*WHAT THIS TASK INVOLVES*. Your response must be an exact transcription of the lines from the one containing "IGES file: header" through the final line of the data.

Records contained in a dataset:
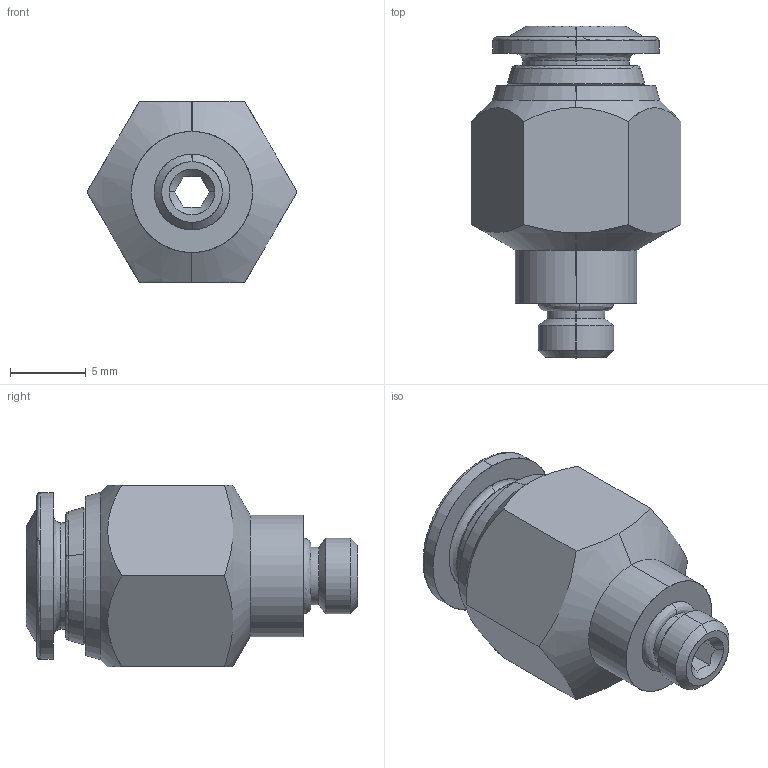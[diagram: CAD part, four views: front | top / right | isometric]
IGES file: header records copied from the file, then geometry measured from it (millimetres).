
Start section: SolidWorks IGES file using analytic representation for surfaces
Global section: file name: K:\Disegni Esecutivi\SERIE 57000\ASSIEMI_57000\57020\IGES e STEP new size\5702000018.IGS; native system: SolidWorks 2020; preprocessor: SolidWorks 2020; author: CAD13; date: 241018.111016; units: millimetre
Bounding box: 13.86 x 21.9 x 12 mm (x, y, z)
Surface area: 1237.6 mm2 (no closed solid volume)
Topology: 0 solids, 0 shells, 61 faces, 896 edges, 896 vertices
Faces by surface type: revolution 34, bspline 27

*RESPONSE TO THIS TASK*.
IGES file: header records copied from the file, then geometry measured from it (millimetres).
Start section: SolidWorks IGES file using analytic representation for surfaces
Global section: file name: K:\Disegni Esecutivi\SERIE 57000\ASSIEMI_57000\57020\IGES e STEP new size\5702000018.IGS; native system: SolidWorks 2020; preprocessor: SolidWorks 2020; author: CAD13; date: 241018.111016; units: millimetre
Bounding box: 13.86 x 21.9 x 12 mm (x, y, z)
Surface area: 1237.6 mm2 (no closed solid volume)
Topology: 0 solids, 0 shells, 61 faces, 896 edges, 896 vertices
Faces by surface type: revolution 34, bspline 27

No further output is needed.